Беседа продолжалась. Бьянки рассказал о смерти отца и о том, что на похороны пришли все его коллеги. Он расслабился, стал более откровенен с врачом. Напряжение ушло, и молодой человек почувствовал себя непринужденно. Настало время прибегнуть к гипнозу. Доктор Уоткинс приступил к вводной части – долгому постепенному расслаблению. Он говорил Кену, что его тело тяжелеет, внимание фокусируется на мыслях о расслаблении.
– Вам очень хорошо, потому что не надо думать о разных вещах, можно забыть обо всем и ощущать только тяжесть в руках… Руки становятся тяжелыми. Они будто ветви на стволе дерева. Чувство теплой тяжести растекается по туловищу, переходит в ноги, в ступни; окружающий мир тоже становится теплым и тяжелым. Вы ощущаете глубокое спокойствие, умиротворение, расслабление… В воображении возникают голубое небо, ласковое солнышко, мягкая трава. Тишина и покой.
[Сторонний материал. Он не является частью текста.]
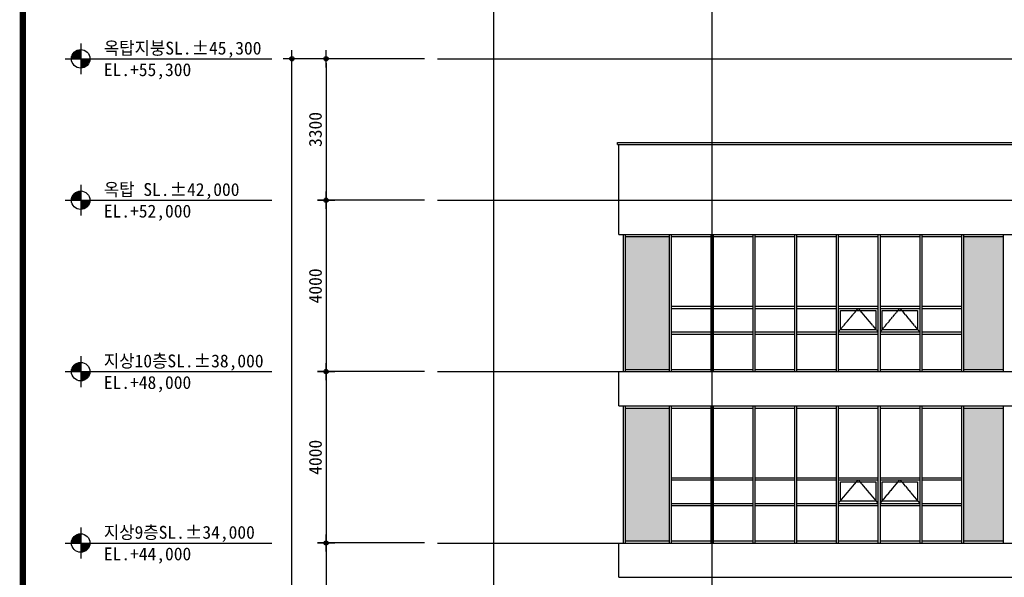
# Model space of a CAD drawing. Header units: millimetres. Extents: x 3445018 to 4174071, y -6064565 to -5122887.
# Tile 128 of 192: x 3671346 to 3694334, y -5313239 to -5300227. Entities that reach past the tile are written whole.
import ezdxf

# ---------------------------------------------------------------- set-up
doc = ezdxf.new("R2010")
doc.units = ezdxf.units.MM
doc.header["$MEASUREMENT"] = 0
doc.linetypes.add('CEN', pattern=[66, 60, -2, 2, -2])
doc.layers.get('DEFPOINTS').update_dxf_attribs({"linetype": 'CONTINUOUS'})
for name, color, linetype in [('3', 3, 'CONTINUOUS'), ('A_GE_FORM', 7, 'CONTINUOUS'), ('CEN', 13, 'CEN'), ('DIM', 7, 'CONTINUOUS'), ('FI', 6, 'CONTINUOUS'), ('SO-252', 252, 'CONTINUOUS'), ('SY', 1, 'CONTINUOUS'), ('WIN1', 4, 'CONTINUOUS'), ('WIN2', 9, 'CONTINUOUS'), ('문자', 2, 'CONTINUOUS')]:
    doc.layers.add(name, color=color, linetype=linetype)
doc.styles.add('HY울릉도 L', font='txt')
doc.styles.add('SDP-S', font='txt')
doc.dimstyles.new('SMDI-3', dxfattribs={"dimtxt": 3, "dimasz": 1, "dimexe": 2, "dimexo": 3, "dimgap": 1, "dimtad": 1, "dimdsep": 46, "dimtxsty": 'HY울릉도 L', "dimblk": 'Z_DOT', "dimcen": 2.5, "dimdle": 1.5, "dimclrd": 1, "dimclre": 1, "dimclrt": 2, "dimadec": 0, "dimazin": 0, "dimtfac": 1, "dimtix": 1, "dimtmove": 2, "dimatfit": 3, "dimldrblk": 'Z_DOT', "dimfxl": 2, "dimtvp": 1, "dimtolj": 1, "dimtzin": 0, "dimarcsym": 0})

# ---------------------------------------------------------------- blocks, each defined once
blk = doc.blocks.new('sheet _서영')
at = {"layer": 'A_GE_FORM', "const_width": 1.5}
blk.add_lwpolyline([(-361868.49, -1059038.93), (-362670.49, -1059038.93), (-362670.49, -1058483.93), (-361868.49, -1058483.93)], close=True, dxfattribs=at)
blk = doc.blocks.new('Z_DOT')
at = {"layer": 'DIM', "color": 1, "ltscale": 3}
for p, q in [((-2, 0), (2, 0)), ((0, -2), (0, 2))]:
    blk.add_line(p, q, dxfattribs=at)
for radius in [0.5, 0.25]:
    blk.add_circle((0, 0), radius, dxfattribs=at)
blk = doc.blocks.new('*D840')
at = {"layer": 'DEFPOINTS', "color": 0, "ltscale": 3, "transparency": 16777216}
for p in [(3677701, -5301139), (3681101, -5301139), (3681101, -5346439)]:
    blk.add_point(p, dxfattribs=at)
at = {"layer": 'DIM', "color": 1, "lineweight": -2, "ltscale": 3, "transparency": 16777216}
for p, q in [((3680801, -5301139), (3677501, -5301139)), ((3677701, -5346339), (3677701, -5301239)), ((3680801, -5346439), (3677501, -5346439))]:
    blk.add_line(p, q, dxfattribs=at)
at = {"layer": 'DIM', "color": 1, "lineweight": -2, "ltscale": 3, "transparency": 16777216, "xscale": 100, "yscale": 100, "zscale": 100}
for p, rotation in [((3677701, -5301139), 90), ((3677701, -5346439), 270)]:
    blk.add_blockref('Z_DOT', p, dxfattribs=dict(at, rotation=rotation))
at = {"layer": 'DIM', "color": 2, "ltscale": 3, "transparency": 16777216, "insert": (3677451, -5323789), "char_height": 300, "attachment_point": 5, "rotation": 90, "style": 'SDP-S'}
blk.add_mtext('\\A1;45300', dxfattribs=at)
blk = doc.blocks.new('*D854')
at = {"layer": 'DEFPOINTS', "color": 0, "ltscale": 3, "transparency": 16777216}
for p in [(3681101, -5312439), (3678501, -5316439), (3681101, -5316439)]:
    blk.add_point(p, dxfattribs=at)
at = {"layer": 'DIM', "color": 1, "lineweight": -2, "ltscale": 3, "transparency": 16777216}
for p, q in [((3680801, -5312439), (3678301, -5312439)), ((3678501, -5312539), (3678501, -5316339)), ((3680801, -5316439), (3678301, -5316439))]:
    blk.add_line(p, q, dxfattribs=at)
at = {"layer": 'DIM', "color": 1, "lineweight": -2, "ltscale": 3, "transparency": 16777216, "xscale": 100, "yscale": 100, "zscale": 100}
for p, rotation in [((3678501, -5312439), 90), ((3678501, -5316439), 270)]:
    blk.add_blockref('Z_DOT', p, dxfattribs=dict(at, rotation=rotation))
at = {"layer": 'DIM', "color": 2, "ltscale": 3, "transparency": 16777216, "insert": (3678251, -5314439), "char_height": 300, "attachment_point": 5, "rotation": 90, "style": 'SDP-S'}
blk.add_mtext('\\A1;4000', dxfattribs=at)
blk = doc.blocks.new('*D855')
at = {"layer": 'DEFPOINTS', "color": 0, "ltscale": 3, "transparency": 16777216}
for p in [(3681101, -5308439), (3678501, -5312439), (3681101, -5312439)]:
    blk.add_point(p, dxfattribs=at)
at = {"layer": 'DIM', "color": 1, "lineweight": -2, "ltscale": 3, "transparency": 16777216}
for p, q in [((3680801, -5308439), (3678301, -5308439)), ((3678501, -5308539), (3678501, -5312339)), ((3680801, -5312439), (3678301, -5312439))]:
    blk.add_line(p, q, dxfattribs=at)
at = {"layer": 'DIM', "color": 1, "lineweight": -2, "ltscale": 3, "transparency": 16777216, "xscale": 100, "yscale": 100, "zscale": 100}
for p, rotation in [((3678501, -5308439), 90), ((3678501, -5312439), 270)]:
    blk.add_blockref('Z_DOT', p, dxfattribs=dict(at, rotation=rotation))
at = {"layer": 'DIM', "color": 2, "ltscale": 3, "transparency": 16777216, "insert": (3678251, -5310439), "char_height": 300, "attachment_point": 5, "rotation": 90, "style": 'SDP-S'}
blk.add_mtext('\\A1;4000', dxfattribs=at)
blk = doc.blocks.new('*D856')
at = {"layer": 'DEFPOINTS', "color": 0, "ltscale": 3, "transparency": 16777216}
for p in [(3681101, -5304439), (3678501, -5308439), (3681101, -5308439)]:
    blk.add_point(p, dxfattribs=at)
at = {"layer": 'DIM', "color": 1, "lineweight": -2, "ltscale": 3, "transparency": 16777216}
for p, q in [((3680801, -5304439), (3678301, -5304439)), ((3678501, -5304539), (3678501, -5308339)), ((3680801, -5308439), (3678301, -5308439))]:
    blk.add_line(p, q, dxfattribs=at)
at = {"layer": 'DIM', "color": 1, "lineweight": -2, "ltscale": 3, "transparency": 16777216, "xscale": 100, "yscale": 100, "zscale": 100}
for p, rotation in [((3678501, -5304439), 90), ((3678501, -5308439), 270)]:
    blk.add_blockref('Z_DOT', p, dxfattribs=dict(at, rotation=rotation))
at = {"layer": 'DIM', "color": 2, "ltscale": 3, "transparency": 16777216, "insert": (3678251, -5306439), "char_height": 300, "attachment_point": 5, "rotation": 90, "style": 'SDP-S'}
blk.add_mtext('\\A1;4000', dxfattribs=at)
blk = doc.blocks.new('*D857')
at = {"layer": 'DEFPOINTS', "color": 0, "ltscale": 3, "transparency": 16777216}
for p in [(3681101, -5301139), (3678501, -5304439), (3681101, -5304439)]:
    blk.add_point(p, dxfattribs=at)
at = {"layer": 'DIM', "color": 1, "lineweight": -2, "ltscale": 3, "transparency": 16777216}
for p, q in [((3680801, -5301139), (3678301, -5301139)), ((3678501, -5301239), (3678501, -5304339)), ((3680801, -5304439), (3678301, -5304439))]:
    blk.add_line(p, q, dxfattribs=at)
at = {"layer": 'DIM', "color": 1, "lineweight": -2, "ltscale": 3, "transparency": 16777216, "xscale": 100, "yscale": 100, "zscale": 100}
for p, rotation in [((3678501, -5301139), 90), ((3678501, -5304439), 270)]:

Вы погружаетесь всё глубже…
Дин Бретт и остальные участники допроса наблюдали за происходящим, прислушивались к монотонному потоку слов, всецело завладевших вниманием Кена, погружающих его в состояние абсолютной концентрации, которую мы называем гипнозом, – никакого волшебства, лишь полная сосредоточенность. Хотя наблюдателям было трудно оставаться бодрыми, у них это получилось. Они понятия не имели, что произойдет дальше; казалось, погружение в гипноз будет продолжаться бесконечно.
Наконец Джон Уоткинс приступил к самой противоречивой части пролога. Он попросил, чтобы говорила только одна часть Бьянки, а не вся личность целиком. Профессор сказал:
– А теперь, когда вы полностью расслабились, Кен, оставайтесь в этом состоянии и дальше. Но мне бы хотелось побеседовать с вами. Я уже говорил с Кеном, но, полагаю, существует и другая часть Кена, с которой я еще не общался; часть, которая, быть может, чувствует совершенно иначе, чем та, с которой я уже говорил. Мне хочется встретиться с этой другой частью. Пусть она проявится и поговорит со мной. И когда она придет, левая рука приподнимется с подлокотника, чтобы дать мне сигнал, что эта другая личность уже здесь и я могу с ней побеседовать. Личность, не будете ли вы так любезны явиться, чтобы пообщаться со мной? Другая личность, не та личность Кена, с которой я уже говорил. Вы можете поднять левую руку, чтобы показать, что вы здесь? Отлично. Давайте побеседуем друг с другом и на время забудем про Кена… нам не обязательно разговаривать с Кеном, пока вы и Кен этого сами не пожелаете. Но мне бы хотелось услышать ваш ответ. Не могли бы вы сказать: «Я здесь»? Вы со мной пообщаетесь, личность? Вы скажете: «Я здесь»?